━━ SOURCE DATA ━━

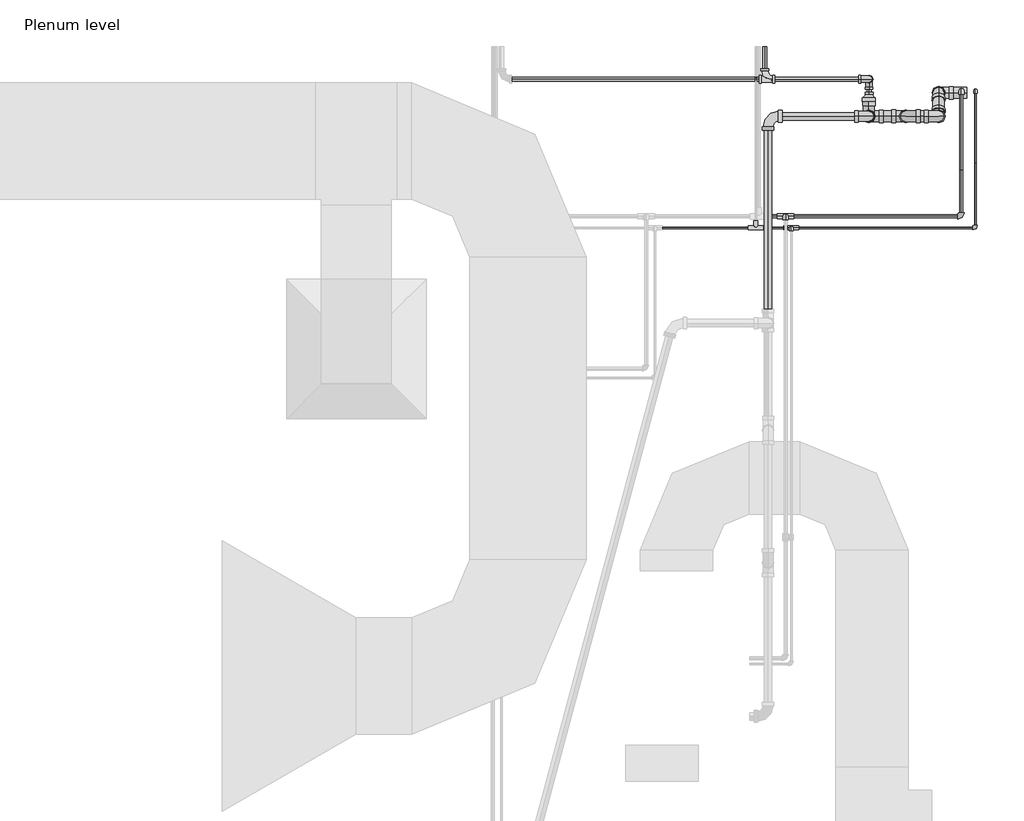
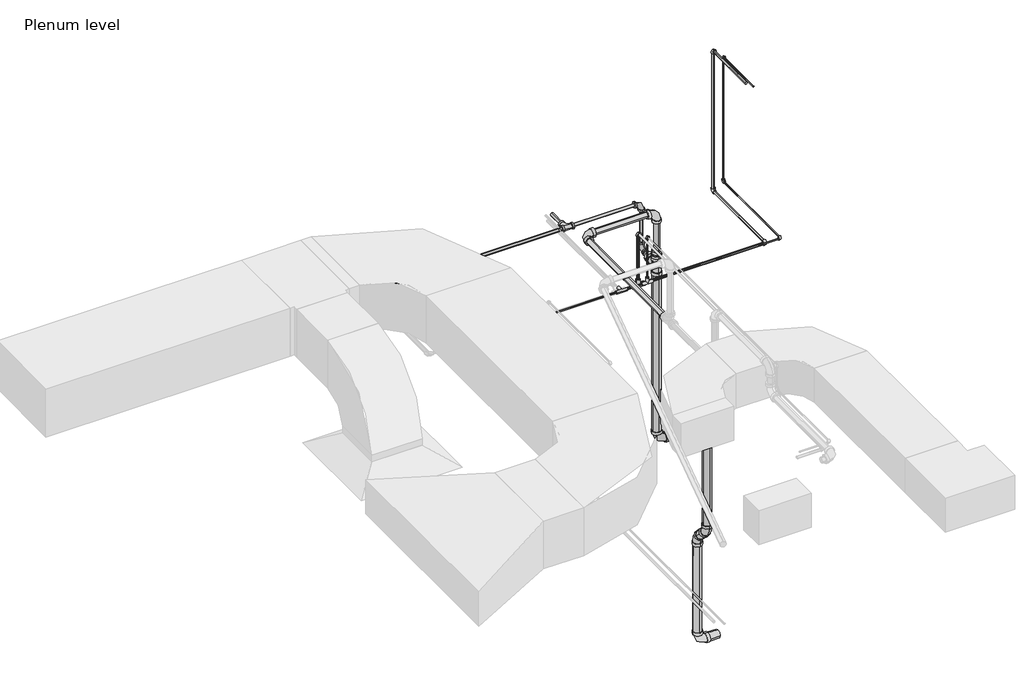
# One storey, part 5 of 5: 29 pipe segments, 26 pipe fittings.
"""IFC4 building model written with IfcOpenShell, lengths in millimetres."""

from ifc_helpers import new_model, si_unit, point, frame, frame_2d, origin, place, context, project, spatial, circle_curve, trimmed, segment, composite_curve, outline, extrude, transform, mapped, element, save
from components import m_bend_pvc_sch_40_dwv_standard_738aab8b, m_bend_pvc_sch_40_dwv_standard_a6d4ec87, m_bend_pvc_sch_40_dwv_standard_04e582cf, m_bend_pvc_sch_40_dwv_standard_6ab8a483, m_bend_pvc_sch_40_dwv_standard_2b68841f, m_bend_pvc_sch_40_dwv_standard_59f4505f, m_elbow_welded_generic_standard_3d1f096c, m_elbow_welded_generic_standard_8e0ccdf9, m_reducer_pvc_sch_40_dwv_standard_d6aa1886, m_reducer_pvc_sch_40_dwv_standard_bae070a7, m_tee_welded_generic_standard_d48cdf89, m_tee_welded_generic_standard_757b4df2, m_tee_sanitary_pvc_sch_40_dwv_standard_2f9d04e6, m_tee_sanitary_pvc_sch_40_dwv_standard_0d87e33f

model = new_model("IFC4")

# Units and contexts
model_context = context("Model", 3, world=origin())
ifc_project = project(units=[si_unit("LENGTHUNIT", "METRE", prefix="MILLI")], contexts=[model_context])

# Site, building, storey
site = spatial("IfcSite", under=ifc_project)
building = spatial("IfcBuilding", under=site)
storey = spatial("IfcBuildingStorey", under=building, Name="Plenum level", Elevation=2500.0)

# Pipe fittings
placement = place(None, origin())
m_bend_pvc_sch_40_dwv_standard_shape = m_bend_pvc_sch_40_dwv_standard_738aab8b(model_context)
element("IfcPipeFitting", 1, ObjectType="M_Bend - PVC - Sch 40 - DWV : Standard", at=placement, inside=storey, context=model_context, shape_type="MappedRepresentation", body=[
    mapped(m_bend_pvc_sch_40_dwv_standard_shape, transform((-9859.3605942, 544.5675672, 1220.3002), x_axis=(0.0, 0.0, -1.0), y_axis=(1.0, 0.0, 0.0), z_axis=(0.0, -1.0, 0.0))),
])
element("IfcPipeFitting", 2, ObjectType="M_Bend - PVC - Sch 40 - DWV : Standard", at=placement, inside=storey, context=model_context, shape_type="MappedRepresentation", body=[
    mapped(m_bend_pvc_sch_40_dwv_standard_shape, transform((-9699.3605942, 544.5675672, 1220.3002), x_axis=(1.0, 0.0, 0.0), y_axis=(0.0, 0.0, 1.0), z_axis=(0.0, -1.0, 0.0))),
])
element("IfcPipeFitting", 3, ObjectType="M_Bend - PVC - Sch 40 - DWV : Standard", at=placement, inside=storey, context=model_context, shape_type="MappedRepresentation", body=[
    mapped(m_bend_pvc_sch_40_dwv_standard_shape, transform((-9699.3605942, 544.5675672, 1520.3002), x_axis=(0.0, 0.0, 1.0), y_axis=(1.0, 0.0, 0.0), z_axis=(0.0, 1.0, 0.0))),
])
element("IfcPipeFitting", 4, ObjectType="M_Bend - PVC - Sch 40 - DWV : Standard", at=placement, inside=storey, context=model_context, shape_type="MappedRepresentation", body=[
    mapped(m_bend_pvc_sch_40_dwv_standard_shape, transform((-9559.3605942, 544.5675672, 1520.3002), x_axis=(1.0, 0.0, 0.0), y_axis=(0.0, 0.0, -1.0), z_axis=(0.0, 1.0, 0.0))),
])
m_bend_pvc_sch_40_dwv_standard_2_shape = m_bend_pvc_sch_40_dwv_standard_a6d4ec87(model_context)
element("IfcPipeFitting", 5, ObjectType="M_Bend - PVC - Sch 40 - DWV : Standard", at=placement, inside=storey, context=model_context, shape_type="MappedRepresentation", body=[
    mapped(m_bend_pvc_sch_40_dwv_standard_2_shape, transform((-9857.7733271, 704.5675761, 2607.2), x_axis=(1.0, 0.0, 0.0), y_axis=(0.0, 0.0, -1.0), z_axis=(0.0, 1.0, 0.0))),
])
element("IfcPipeFitting", 6, ObjectType="M_Bend - PVC - Sch 40 - DWV : Standard", at=placement, inside=storey, context=model_context, shape_type="MappedRepresentation", body=[
    mapped(m_bend_pvc_sch_40_dwv_standard_2_shape, transform((-9857.7733271, 704.5675761, 2322.2), x_axis=(0.0, 0.0, -1.0), y_axis=(0.0, -1.0, 0.0), z_axis=(-1.0, 0.0, 0.0))),
])
m_bend_pvc_sch_40_dwv_standard_3_shape = m_bend_pvc_sch_40_dwv_standard_04e582cf(model_context)
element("IfcPipeFitting", 7, ObjectType="M_Bend - PVC - Sch 40 - DWV : Standard", at=placement, inside=storey, context=model_context, shape_type="MappedRepresentation", body=[
    mapped(m_bend_pvc_sch_40_dwv_standard_3_shape, transform((-9859.3605942, 544.5675672, 2650.0), x_axis=(0.0, 0.0, 1.0), y_axis=(-1.0, 0.0, 0.0), z_axis=(0.0, -1.0, 0.0))),
])
element("IfcPipeFitting", 8, ObjectType="M_Bend - PVC - Sch 40 - DWV : Standard", at=placement, inside=storey, context=model_context, shape_type="MappedRepresentation", body=[
    mapped(m_bend_pvc_sch_40_dwv_standard_3_shape, transform((-10292.1201033, 544.5675672, 2650.0), x_axis=(-1.0, 0.0, 0.0), y_axis=(0.0, -1.0, 0.0), z_axis=(0.0, 0.0, 1.0))),
])
m_bend_pvc_sch_40_dwv_standard_4_shape = m_bend_pvc_sch_40_dwv_standard_6ab8a483(model_context)
element("IfcPipeFitting", 9, ObjectType="M_Bend - PVC - Sch 40 - DWV : Standard", at=placement, inside=storey, context=model_context, shape_type="MappedRepresentation", body=[
    mapped(m_bend_pvc_sch_40_dwv_standard_4_shape, transform((-9559.2948768, 544.5675672, 545.787891), x_axis=(7.201014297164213e-05, 0.0, -0.9999999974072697), y_axis=(0.001133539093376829, 0.9999993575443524, 8.162631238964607e-08), z_axis=(0.9999993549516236, -0.0011335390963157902, 7.201009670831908e-05))),
])
m_bend_pvc_sch_40_dwv_standard_5_shape = m_bend_pvc_sch_40_dwv_standard_2b68841f(model_context)
element("IfcPipeFitting", 10, ObjectType="M_Bend - PVC - Sch 40 - DWV : Standard", at=placement, inside=storey, context=model_context, shape_type="MappedRepresentation", body=[
    mapped(m_bend_pvc_sch_40_dwv_standard_5_shape, transform((-9559.1726284, 645.9722675, 444.3832644), x_axis=(0.0008524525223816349, 0.7071067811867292, -0.7071062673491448), y_axis=(0.0008524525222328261, -0.707106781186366, -0.7071062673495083), z_axis=(-0.9999992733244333, 0.0, -0.0012055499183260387))),
])
m_bend_pvc_sch_40_dwv_standard_6_shape = m_bend_pvc_sch_40_dwv_standard_59f4505f(model_context)
element("IfcPipeFitting", 11, ObjectType="M_Bend - PVC - Sch 40 - DWV : Standard", at=placement, inside=storey, context=model_context, shape_type="MappedRepresentation", body=[
    mapped(m_bend_pvc_sch_40_dwv_standard_6_shape, transform((-9558.3895365, 645.9722675, -205.1886237), x_axis=(-1.0, 0.0, 0.0), y_axis=(0.0, 0.0, 1.0), z_axis=(0.0, 1.0, 0.0))),
])
m_elbow_welded_generic_standard_shape = m_elbow_welded_generic_standard_3d1f096c(model_context)
element("IfcPipeFitting", 12, ObjectType="M_Elbow - Welded - Generic : Standard", at=placement, inside=storey, context=model_context, shape_type="MappedRepresentation", body=[
    mapped(m_elbow_welded_generic_standard_shape, transform((-10217.1201033, 114.5675672, 2900.0), x_axis=(0.0, 0.0, 1.0), y_axis=(0.0, -1.0, 0.0), z_axis=(1.0, 0.0, 0.0))),
])
element("IfcPipeFitting", 13, ObjectType="M_Elbow - Welded - Generic : Standard", at=placement, inside=storey, context=model_context, shape_type="MappedRepresentation", body=[
    mapped(m_elbow_welded_generic_standard_shape, transform((-9460.9171658, 114.5675672, 2575.4), x_axis=(1.0, 0.0, 0.0), y_axis=(0.0, 1.0, 0.0), z_axis=(0.0, 0.0, 1.0))),
])
element("IfcPipeFitting", 14, ObjectType="M_Elbow - Welded - Generic : Standard", at=placement, inside=storey, context=model_context, shape_type="MappedRepresentation", body=[
    mapped(m_elbow_welded_generic_standard_shape, transform((-9460.9171658, 654.5675672, 2575.4), x_axis=(0.0, 1.0, 0.0), y_axis=(0.0, 0.0, 1.0), z_axis=(1.0, 0.0, 0.0))),
])
element("IfcPipeFitting", 15, ObjectType="M_Elbow - Welded - Generic : Standard", at=placement, inside=storey, context=model_context, shape_type="MappedRepresentation", body=[
    mapped(m_elbow_welded_generic_standard_shape, transform((-9460.9171658, 654.5675672, 3455.4), x_axis=(0.0, 0.0, 1.0), y_axis=(0.0, -1.0, 0.0), z_axis=(1.0, 0.0, 0.0))),
])
m_elbow_welded_generic_standard_2_shape = m_elbow_welded_generic_standard_8e0ccdf9(model_context)
element("IfcPipeFitting", 16, ObjectType="M_Elbow - Welded - Generic : Standard", at=placement, inside=storey, context=model_context, shape_type="MappedRepresentation", body=[
    mapped(m_elbow_welded_generic_standard_2_shape, transform((-10192.1201033, 64.5675672, 2900.0), x_axis=(0.0, 0.0, 1.0), y_axis=(0.0, -1.0, 0.0), z_axis=(1.0, 0.0, 0.0))),
])
element("IfcPipeFitting", 17, ObjectType="M_Elbow - Welded - Generic : Standard", at=placement, inside=storey, context=model_context, shape_type="MappedRepresentation", body=[
    mapped(m_elbow_welded_generic_standard_2_shape, transform((-9400.3901658, 64.5675672, 2613.5), x_axis=(1.0, 0.0, 0.0), y_axis=(0.0, 1.0, 0.0), z_axis=(0.0, 0.0, 1.0))),
])
element("IfcPipeFitting", 18, ObjectType="M_Elbow - Welded - Generic : Standard", at=placement, inside=storey, context=model_context, shape_type="MappedRepresentation", body=[
    mapped(m_elbow_welded_generic_standard_2_shape, transform((-9400.3901658, 654.5675672, 2613.5), x_axis=(0.0, 1.0, 0.0), y_axis=(0.0, 0.0, 1.0), z_axis=(1.0, 0.0, 0.0))),
])
element("IfcPipeFitting", 19, ObjectType="M_Elbow - Welded - Generic : Standard", at=placement, inside=storey, context=model_context, shape_type="MappedRepresentation", body=[
    mapped(m_elbow_welded_generic_standard_2_shape, transform((-9400.3901658, 654.5675672, 3393.5), x_axis=(0.0, 0.0, 1.0), y_axis=(0.0, -1.0, 0.0), z_axis=(1.0, 0.0, 0.0))),
])
m_reducer_pvc_sch_40_dwv_standard_shape = m_reducer_pvc_sch_40_dwv_standard_d6aa1886(model_context)
element("IfcPipeFitting", 20, ObjectType="M_Reducer - PVC - Sch 40 - DWV : Standard", at=placement, inside=storey, context=model_context, shape_type="MappedRepresentation", body=[
    mapped(m_reducer_pvc_sch_40_dwv_standard_shape, transform((-9859.3605942, 544.5675672, 2365.0498), x_axis=(0.0, 0.0, 1.0), y_axis=(0.0, -1.0, 0.0), z_axis=(1.0, 0.0, 0.0))),
])
m_reducer_pvc_sch_40_dwv_standard_2_shape = m_reducer_pvc_sch_40_dwv_standard_bae070a7(model_context)
element("IfcPipeFitting", 21, ObjectType="M_Reducer - PVC - Sch 40 - DWV : Standard", at=placement, inside=storey, context=model_context, shape_type="MappedRepresentation", body=[
    mapped(m_reducer_pvc_sch_40_dwv_standard_2_shape, transform((-9859.3605942, 606.4673672, 2322.2), x_axis=(0.0, 1.0, 0.0), y_axis=(-1.0, 0.0, 0.0), z_axis=(0.0, 0.0, 1.0))),
])
m_tee_welded_generic_standard_shape = m_tee_welded_generic_standard_d48cdf89(model_context)
element("IfcPipeFitting", 22, ObjectType="M_Tee - Welded - Generic : Standard", at=placement, inside=storey, context=model_context, shape_type="MappedRepresentation", body=[
    mapped(m_tee_welded_generic_standard_shape, transform((-10217.1201033, 114.5675672, 2575.4), x_axis=(-1.0, 0.0, 0.0), y_axis=(0.0, 0.0, -1.0), z_axis=(0.0, -1.0, 0.0))),
])
m_tee_welded_generic_standard_2_shape = m_tee_welded_generic_standard_757b4df2(model_context)
element("IfcPipeFitting", 23, ObjectType="M_Tee - Welded - Generic : Standard", at=placement, inside=storey, context=model_context, shape_type="MappedRepresentation", body=[
    mapped(m_tee_welded_generic_standard_2_shape, transform((-10344.7873896, 64.5675672, 2613.5), x_axis=(-1.0, 0.0, 0.0), y_axis=(0.0, -1.0, 0.0), z_axis=(0.0, 0.0, 1.0))),
])
element("IfcPipeFitting", 24, ObjectType="M_Tee - Welded - Generic : Standard", at=placement, inside=storey, context=model_context, shape_type="MappedRepresentation", body=[
    mapped(m_tee_welded_generic_standard_2_shape, transform((-10192.1201033, 64.5675672, 2613.5), x_axis=(-1.0, 0.0, 0.0), y_axis=(0.0, 0.0, -1.0), z_axis=(0.0, -1.0, 0.0))),
])
m_tee_sanitary_pvc_sch_40_dwv_standard_shape = m_tee_sanitary_pvc_sch_40_dwv_standard_2f9d04e6(model_context)
element("IfcPipeFitting", 25, ObjectType="M_Tee Sanitary - PVC - Sch 40 - DWV : Standard", at=placement, inside=storey, context=model_context, shape_type="MappedRepresentation", body=[
    mapped(m_tee_sanitary_pvc_sch_40_dwv_standard_shape, transform((-10306.6873896, 704.5675761, 2607.2), x_axis=(-1.0, 0.0, 0.0), y_axis=(0.0, -1.0, 0.0), z_axis=(0.0, 0.0, 1.0))),
])
m_tee_sanitary_pvc_sch_40_dwv_standard_2_shape = m_tee_sanitary_pvc_sch_40_dwv_standard_0d87e33f(model_context)
element("IfcPipeFitting", 26, ObjectType="M_Tee Sanitary - PVC - Sch 40 - DWV : Standard", at=placement, inside=storey, context=model_context, shape_type="MappedRepresentation", body=[
    mapped(m_tee_sanitary_pvc_sch_40_dwv_standard_2_shape, transform((-9859.3605942, 544.5675672, 2322.2), x_axis=(0.0, 0.0, 1.0), y_axis=(0.0, -1.0, 0.0), z_axis=(1.0, 0.0, 0.0))),
])

# Pipe segments
element("IfcPipeSegment", 27, ObjectType="COPPER PIPE", at=placement, inside=storey, context=model_context, shape_type="SweptSolid", body=[
    extrude(outline(composite_curve([segment(trimmed(circle_curve(frame_2d((114.5675672, 2575.4)), 6.5), [point((108.0675672, 2575.4))], [point((114.5675672, 2581.9))], False, "CARTESIAN"), True, "CONTINUOUS"), segment(trimmed(circle_curve(frame_2d((114.5675672, 2575.4)), 6.5), [point((114.5675672, 2581.9))], [point((121.0675672, 2575.4))], False, "CARTESIAN"), True, "CONTINUOUS"), segment(trimmed(circle_curve(frame_2d((114.5675672, 2575.4)), 6.5), [point((121.0675672, 2575.4))], [point((114.5675672, 2568.9))], False, "CARTESIAN"), True, "CONTINUOUS"), segment(trimmed(circle_curve(frame_2d((114.5675672, 2575.4)), 6.5), [point((114.5675672, 2568.9))], [point((108.0675672, 2575.4))], False, "CARTESIAN"), True, "CONTINUOUS")], self_intersect=False)), frame((-10180.9171658, 0.0, 0.0), z_axis=(1.0, 0.0, 0.0), x_axis=(0.0, 1.0, 0.0)), (0.0, 0.0, 1.0), 705.2410156),
])
element("IfcPipeSegment", 28, ObjectType="COPPER PIPE", at=placement, inside=storey, context=model_context, shape_type="SweptSolid", body=[
    extrude(outline(composite_curve([segment(trimmed(circle_curve(frame_2d((64.5675672, 2613.5)), 3.5), [point((61.0675672, 2613.5))], [point((64.5675672, 2617.0))], False, "CARTESIAN"), True, "CONTINUOUS"), segment(trimmed(circle_curve(frame_2d((64.5675672, 2613.5)), 3.5), [point((64.5675672, 2617.0))], [point((68.0675672, 2613.5))], False, "CARTESIAN"), True, "CONTINUOUS"), segment(trimmed(circle_curve(frame_2d((64.5675672, 2613.5)), 3.5), [point((68.0675672, 2613.5))], [point((64.5675672, 2610.0))], False, "CARTESIAN"), True, "CONTINUOUS"), segment(trimmed(circle_curve(frame_2d((64.5675672, 2613.5)), 3.5), [point((64.5675672, 2610.0))], [point((61.0675672, 2613.5))], False, "CARTESIAN"), True, "CONTINUOUS")], self_intersect=False)), frame((-10160.3901658, 0.0, 0.0), z_axis=(1.0, 0.0, 0.0), x_axis=(0.0, 1.0, 0.0)), (0.0, 0.0, 1.0), 748.3910156),
])
element("IfcPipeSegment", 29, ObjectType="COPPER PIPE", at=placement, inside=storey, context=model_context, shape_type="SweptSolid", body=[
    extrude(outline(composite_curve([segment(trimmed(circle_curve(frame_2d((64.5675672, 2613.5)), 3.5), [point((61.0675672, 2613.5))], [point((64.5675672, 2617.0))], False, "CARTESIAN"), True, "CONTINUOUS"), segment(trimmed(circle_curve(frame_2d((64.5675672, 2613.5)), 3.5), [point((64.5675672, 2617.0))], [point((68.0675672, 2613.5))], False, "CARTESIAN"), True, "CONTINUOUS"), segment(trimmed(circle_curve(frame_2d((64.5675672, 2613.5)), 3.5), [point((68.0675672, 2613.5))], [point((64.5675672, 2610.0))], False, "CARTESIAN"), True, "CONTINUOUS"), segment(trimmed(circle_curve(frame_2d((64.5675672, 2613.5)), 3.5), [point((64.5675672, 2610.0))], [point((61.0675672, 2613.5))], False, "CARTESIAN"), True, "CONTINUOUS")], self_intersect=False)), frame((-10746.9574521, 0.0, 0.0), z_axis=(1.0, 0.0, 0.0), x_axis=(0.0, 1.0, 0.0)), (0.0, 0.0, 1.0), 370.440125),
])
element("IfcPipeSegment", 30, ObjectType="COPPER PIPE", at=placement, inside=storey, context=model_context, shape_type="SweptSolid", body=[
    extrude(outline(composite_curve([segment(trimmed(circle_curve(frame_2d((-10217.1201033, 114.5675672)), 6.5), [point((-10223.6201033, 114.5675672))], [point((-10217.1201033, 121.0675672))], False, "CARTESIAN"), True, "CONTINUOUS"), segment(trimmed(circle_curve(frame_2d((-10217.1201033, 114.5675672)), 6.5), [point((-10217.1201033, 121.0675672))], [point((-10210.6201033, 114.5675672))], False, "CARTESIAN"), True, "CONTINUOUS"), segment(trimmed(circle_curve(frame_2d((-10217.1201033, 114.5675672)), 6.5), [point((-10210.6201033, 114.5675672))], [point((-10217.1201033, 108.0675672))], False, "CARTESIAN"), True, "CONTINUOUS"), segment(trimmed(circle_curve(frame_2d((-10217.1201033, 114.5675672)), 6.5), [point((-10217.1201033, 108.0675672))], [point((-10223.6201033, 114.5675672))], False, "CARTESIAN"), True, "CONTINUOUS")], self_intersect=False)), frame((0.0, 0.0, 2611.6029375), z_axis=(0.0, 0.0, 1.0), x_axis=(1.0, 0.0, 0.0)), (0.0, 0.0, 1.0), 273.6380781),
])
element("IfcPipeSegment", 31, ObjectType="COPPER PIPE", at=placement, inside=storey, context=model_context, shape_type="SweptSolid", body=[
    extrude(outline(composite_curve([segment(trimmed(circle_curve(frame_2d((114.5675672, 2575.4)), 6.5), [point((108.0675672, 2575.4))], [point((114.5675672, 2581.9))], False, "CARTESIAN"), True, "CONTINUOUS"), segment(trimmed(circle_curve(frame_2d((114.5675672, 2575.4)), 6.5), [point((114.5675672, 2581.9))], [point((121.0675672, 2575.4))], False, "CARTESIAN"), True, "CONTINUOUS"), segment(trimmed(circle_curve(frame_2d((114.5675672, 2575.4)), 6.5), [point((121.0675672, 2575.4))], [point((114.5675672, 2568.9))], False, "CARTESIAN"), True, "CONTINUOUS"), segment(trimmed(circle_curve(frame_2d((114.5675672, 2575.4)), 6.5), [point((114.5675672, 2568.9))], [point((108.0675672, 2575.4))], False, "CARTESIAN"), True, "CONTINUOUS")], self_intersect=False)), frame((-10295.8844521, 0.0, 0.0), z_axis=(1.0, 0.0, 0.0), x_axis=(0.0, 1.0, 0.0)), (0.0, 0.0, 1.0), 42.5614113),
])
element("IfcPipeSegment", 32, ObjectType="COPPER PIPE", at=placement, inside=storey, context=model_context, shape_type="SweptSolid", body=[
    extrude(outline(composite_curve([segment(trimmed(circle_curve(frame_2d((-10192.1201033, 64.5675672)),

━━━

_TASK OBJECTIVE_.
Your task is to find each line in the entries that contains the string "under" and copy it.

_RESPONSE TO THIS TASK_.
site = spatial("IfcSite", under=ifc_project)
building = spatial("IfcBuilding", under=site)
storey = spatial("IfcBuildingStorey", under=building, Name="Plenum level", Elevation=2500.0)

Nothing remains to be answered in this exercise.